RECORDS TO PROCESS
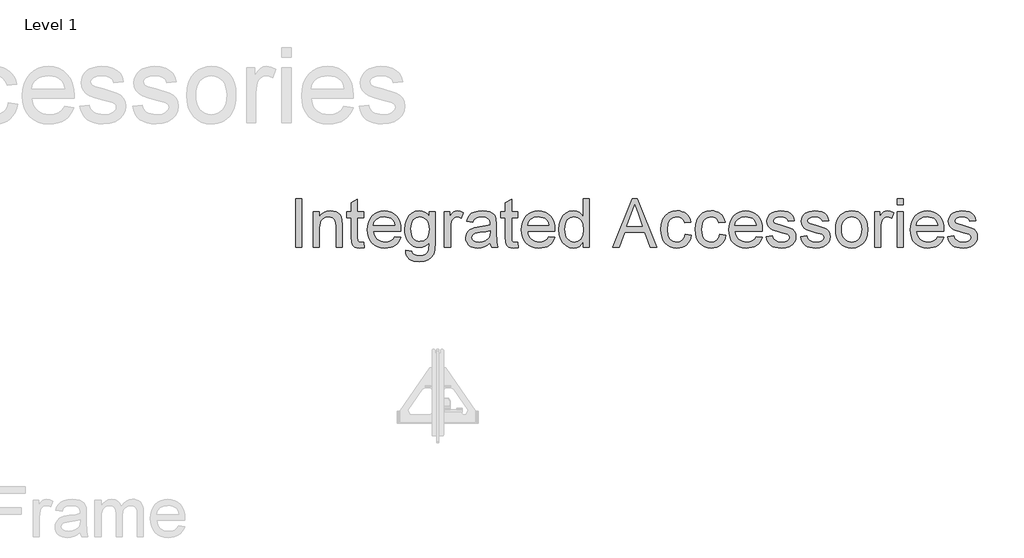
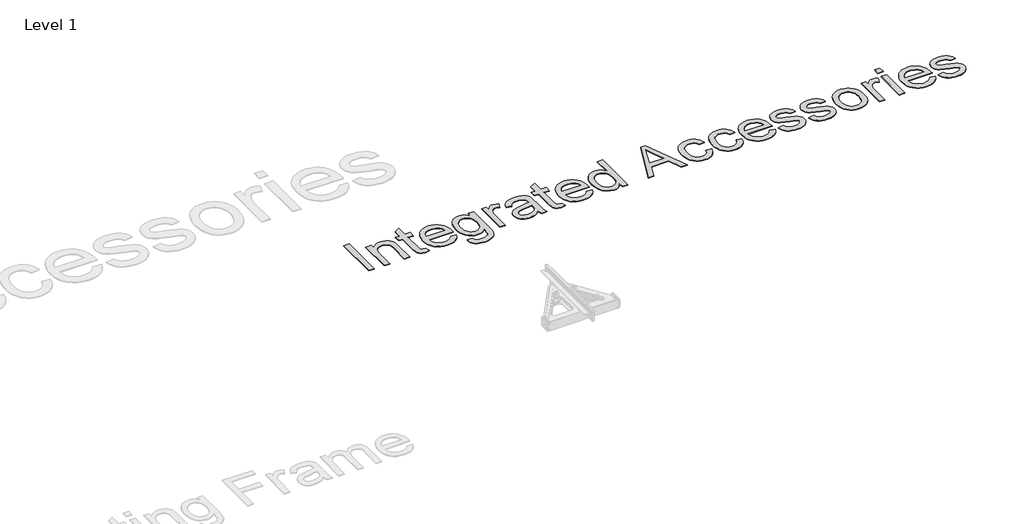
# One storey, part 37 of 52: 1 proxy.
"""IFC4 building model written with IfcOpenShell, lengths in millimetres."""

import ifcopenshell
import ifcopenshell.guid

model = None  # the IFC model being written
_history = None  # IfcOwnerHistory: only IFC2X3 demands one
_inside = {}  # id of a spatial element -> (the spatial element, [elements in it])
_under = {}  # id of a project, library or spatial element -> (it, [spatial elements below it])
_declared = {}  # id of a project -> (the project, [libraries it declares])
_typed = {}  # id of a type object -> (the type object, [elements of that type])
_made_of = {}  # id of a material, layer set ... -> (it, [elements and type objects made of it])


def new_model(schema):
    """Start an empty IFC model of exactly this schema.

    Asked for "IFC4X3", IfcOpenShell would pick the latest addendum, in which some entities
    have other attributes; the version numbers below select the first issue.
    IFC2X3 requires an IfcOwnerHistory on every rooted entity: one is made here for all.
    """
    global model, _history
    if schema == "IFC4X3":
        model = ifcopenshell.file(schema_version=(4, 3, 0, 0))
    else:
        model = ifcopenshell.file(schema=schema)
    _inside.clear()
    _under.clear()
    _declared.clear()
    _typed.clear()
    _made_of.clear()
    _history = None
    if model.schema == "IFC2X3":
        org = make("IfcOrganization", Name="unknown")
        user = make(
            "IfcPersonAndOrganization",
            ThePerson=make("IfcPerson", FamilyName="unknown"),
            TheOrganization=org,
        )
        app = make(
            "IfcApplication",
            ApplicationDeveloper=org,
            Version="unknown",
            ApplicationFullName="unknown",
            ApplicationIdentifier="unknown",
        )
        _history = make(
            "IfcOwnerHistory",
            OwningUser=user,
            OwningApplication=app,
            ChangeAction="ADDED",
            CreationDate=0,
        )
    return model


def make(cls, **values):
    """One entity of the class cls with the attributes given. An attribute that is None is left unset."""
    return model.create_entity(
        cls, **{name: value for name, value in values.items() if value is not None}
    )


def rooted(cls, **values):
    """An entity with a GlobalId (a new one), such as an element, a storey or a relation."""
    return make(cls, GlobalId=ifcopenshell.guid.new(), OwnerHistory=_history, **values)


def si_unit(unit_type, name, prefix=None):
    """IfcSIUnit, for example si_unit("LENGTHUNIT", "METRE", prefix="MILLI")."""
    return make("IfcSIUnit", UnitType=unit_type, Prefix=prefix, Name=name)


def assignment(units):
    """IfcUnitAssignment: the units of a project."""
    return None if units is None else make("IfcUnitAssignment", Units=units)


def point(xyz):
    """IfcCartesianPoint."""
    return None if xyz is None else make("IfcCartesianPoint", Coordinates=xyz)


def direction(xyz):
    """IfcDirection."""
    return None if xyz is None else make("IfcDirection", DirectionRatios=xyz)


def frame(location, z_axis=None, x_axis=None):
    """IfcAxis2Placement3D, a coordinate frame: its origin and axes. An axis left out is left unset."""
    return make(
        "IfcAxis2Placement3D",
        Location=point(location),
        Axis=direction(z_axis),
        RefDirection=direction(x_axis),
    )


def origin():
    """The frame at (0, 0, 0) with its axes left unset."""
    return frame((0.0, 0.0, 0.0))


def origin_with_axes():
    """The frame at (0, 0, 0) with the z axis (0, 0, 1) and the x axis (1, 0, 0) written out."""
    return frame((0.0, 0.0, 0.0), z_axis=(0.0, 0.0, 1.0), x_axis=(1.0, 0.0, 0.0))


def place(relative_to, where):
    """IfcLocalPlacement: puts the frame where relative to a parent placement (None: the world)."""
    return make(
        "IfcLocalPlacement", PlacementRelTo=relative_to, RelativePlacement=where
    )


def context(
    kind, dimensions, precision=None, world=None, true_north=None, identifier=None
):
    """IfcGeometricRepresentationContext, for example the 3D "Model" context."""
    return make(
        "IfcGeometricRepresentationContext",
        ContextIdentifier=identifier,
        ContextType=kind,
        CoordinateSpaceDimension=dimensions,
        Precision=precision,
        WorldCoordinateSystem=world,
        TrueNorth=true_north,
    )


def project(units=None, contexts=None):
    """IfcProject with its units and contexts."""
    return rooted(
        "IfcProject",
        Name="project",
        RepresentationContexts=contexts,
        UnitsInContext=assignment(units),
    )


def spatial(cls, under=None, at=None, **own):
    """A site, building, storey or space (cls), placed at a placement, below another one or the project."""
    s = rooted(cls, ObjectPlacement=at, **own)
    if under is not None:
        _under.setdefault(under.id(), (under, []))[1].append(s)
    return s


def polyline(points):
    """IfcPolyline through the points."""
    return make("IfcPolyline", Points=[point(p) for p in points])


def outline(outer, holes=None, kind="AREA"):
    """IfcArbitraryClosedProfileDef: a profile drawn as a closed curve; with holes, ...WithVoids."""
    if holes is None:
        return make("IfcArbitraryClosedProfileDef", ProfileType=kind, OuterCurve=outer)
    return make(
        "IfcArbitraryProfileDefWithVoids",
        ProfileType=kind,
        OuterCurve=outer,
        InnerCurves=holes,
    )


def extrude(swept, where, along, depth):
    """IfcExtrudedAreaSolid: the profile swept, set in the frame where, extruded along a direction by depth."""
    return make(
        "IfcExtrudedAreaSolid",
        SweptArea=swept,
        Position=where,
        ExtrudedDirection=direction(along),
        Depth=depth,
    )


def shape(context_of_items, identifier, shape_type, items):
    """IfcShapeRepresentation: the items that make up one representation, for example the "Body"."""
    return make(
        "IfcShapeRepresentation",
        ContextOfItems=context_of_items,
        RepresentationIdentifier=identifier,
        RepresentationType=shape_type,
        Items=items,
    )


def made_of(thing, what):
    """Note that an element or type object is made of a material, layer set ...; save() writes the relation."""
    if what is not None:
        _made_of.setdefault(what.id(), (what, []))[1].append(thing)
    return thing


def element(
    cls,
    number,
    at=None,
    inside=None,
    cuts=None,
    type_object=None,
    material=None,
    context=None,
    identifier="Body",
    shape_type=None,
    held_by="IfcProductDefinitionShape",
    body=None,
    shapes=None,
    **own,
):
    """One element of the class cls, such as IfcWall. Its Tag is "e" and its number.

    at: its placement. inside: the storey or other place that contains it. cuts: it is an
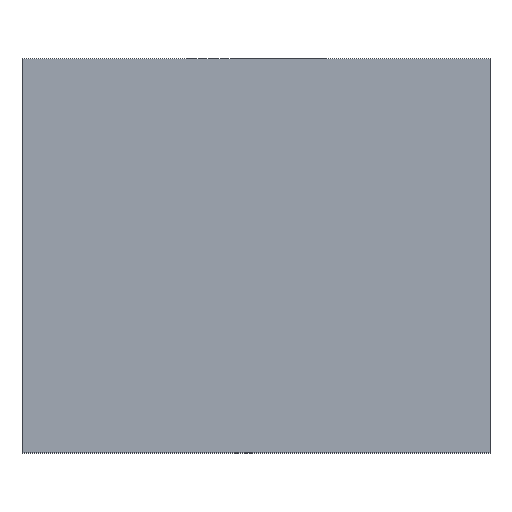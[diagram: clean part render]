
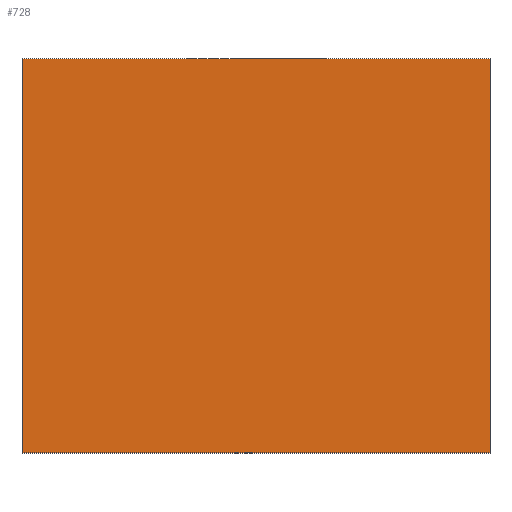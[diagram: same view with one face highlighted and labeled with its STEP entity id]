
A CAD part, top view. The second image highlights one B-rep face of the part: STEP entity #728.
In plain terms, the highlighted planar face has unit normal (0, 0, 1).
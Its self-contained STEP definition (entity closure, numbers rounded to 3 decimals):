
#81 = CARTESIAN_POINT ( 'NONE',  ( 0., 32., 10. ) ) ;
#89 = EDGE_CURVE ( 'NONE', #110, #757, #404, .T. ) ;
#105 = VECTOR ( 'NONE', #781, 1000. ) ;
#110 = VERTEX_POINT ( 'NONE', #237 ) ;
#118 = EDGE_LOOP ( 'NONE', ( #452, #846, #479, #935 ) ) ;
#139 = VERTEX_POINT ( 'NONE', #244 ) ;
#144 = CARTESIAN_POINT ( 'NONE',  ( 38., 32., 10. ) ) ;
#234 = CARTESIAN_POINT ( 'NONE',  ( 0., 32., 10. ) ) ;
#237 = CARTESIAN_POINT ( 'NONE',  ( 38., 0., 10. ) ) ;
#244 = CARTESIAN_POINT ( 'NONE',  ( 0., 0., 10. ) ) ;
#253 = DIRECTION ( 'NONE',  ( -1., 0., 0. ) ) ;
#281 = EDGE_CURVE ( 'NONE', #785, #139, #592, .T. ) ;
#293 = AXIS2_PLACEMENT_3D ( 'NONE', #1031, #959, #253 ) ;
#319 = DIRECTION ( 'NONE',  ( 0., 1., 0. ) ) ;
#321 = LINE ( 'NONE', #234, #105 ) ;
#392 = LINE ( 'NONE', #403, #463 ) ;
#403 = CARTESIAN_POINT ( 'NONE',  ( 0., 0., 10. ) ) ;
#404 = LINE ( 'NONE', #658, #893 ) ;
#452 = ORIENTED_EDGE ( 'NONE', *, *, #281, .T. ) ;
#463 = VECTOR ( 'NONE', #555, 1000. ) ;
#479 = ORIENTED_EDGE ( 'NONE', *, *, #89, .T. ) ;
#498 = FACE_OUTER_BOUND ( 'NONE', #118, .T. ) ;
#505 = CARTESIAN_POINT ( 'NONE',  ( 0., 0., 10. ) ) ;
#555 = DIRECTION ( 'NONE',  ( 1., 0., 0. ) ) ;
#592 = LINE ( 'NONE', #505, #610 ) ;
#610 = VECTOR ( 'NONE', #753, 1000. ) ;
#625 = PLANE ( 'NONE',  #293 ) ;
#658 = CARTESIAN_POINT ( 'NONE',  ( 38., 0., 10. ) ) ;
#728 = ADVANCED_FACE ( 'NONE', ( #498 ), #625, .F. ) ;
#753 = DIRECTION ( 'NONE',  ( 0., -1., 0. ) ) ;
#757 = VERTEX_POINT ( 'NONE', #144 ) ;
#779 = EDGE_CURVE ( 'NONE', #757, #785, #321, .T. ) ;
#781 = DIRECTION ( 'NONE',  ( -1., 0., 0. ) ) ;
#785 = VERTEX_POINT ( 'NONE', #81 ) ;
#846 = ORIENTED_EDGE ( 'NONE', *, *, #997, .T. ) ;
#893 = VECTOR ( 'NONE', #319, 1000. ) ;
#935 = ORIENTED_EDGE ( 'NONE', *, *, #779, .T. ) ;
#959 = DIRECTION ( 'NONE',  ( 0., 0., -1. ) ) ;
#997 = EDGE_CURVE ( 'NONE', #139, #110, #392, .T. ) ;
#1031 = CARTESIAN_POINT ( 'NONE',  ( 0., 0., 10. ) ) ;

WHAT THE TASK REQUIRES
Reproduce the material above from its first line through the line containing "have other attributes;", both ends included, and skip every picture.

TASK OUTPUT
# One storey, part 37 of 52: 1 proxy.
"""IFC4 building model written with IfcOpenShell, lengths in millimetres."""

import ifcopenshell
import ifcopenshell.guid

model = None  # the IFC model being written
_history = None  # IfcOwnerHistory: only IFC2X3 demands one
_inside = {}  # id of a spatial element -> (the spatial element, [elements in it])
_under = {}  # id of a project, library or spatial element -> (it, [spatial elements below it])
_declared = {}  # id of a project -> (the project, [libraries it declares])
_typed = {}  # id of a type object -> (the type object, [elements of that type])
_made_of = {}  # id of a material, layer set ... -> (it, [elements and type objects made of it])


def new_model(schema):
    """Start an empty IFC model of exactly this schema.

    Asked for "IFC4X3", IfcOpenShell would pick the latest addendum, in which some entities
    have other attributes; the version numbers below select the first issue.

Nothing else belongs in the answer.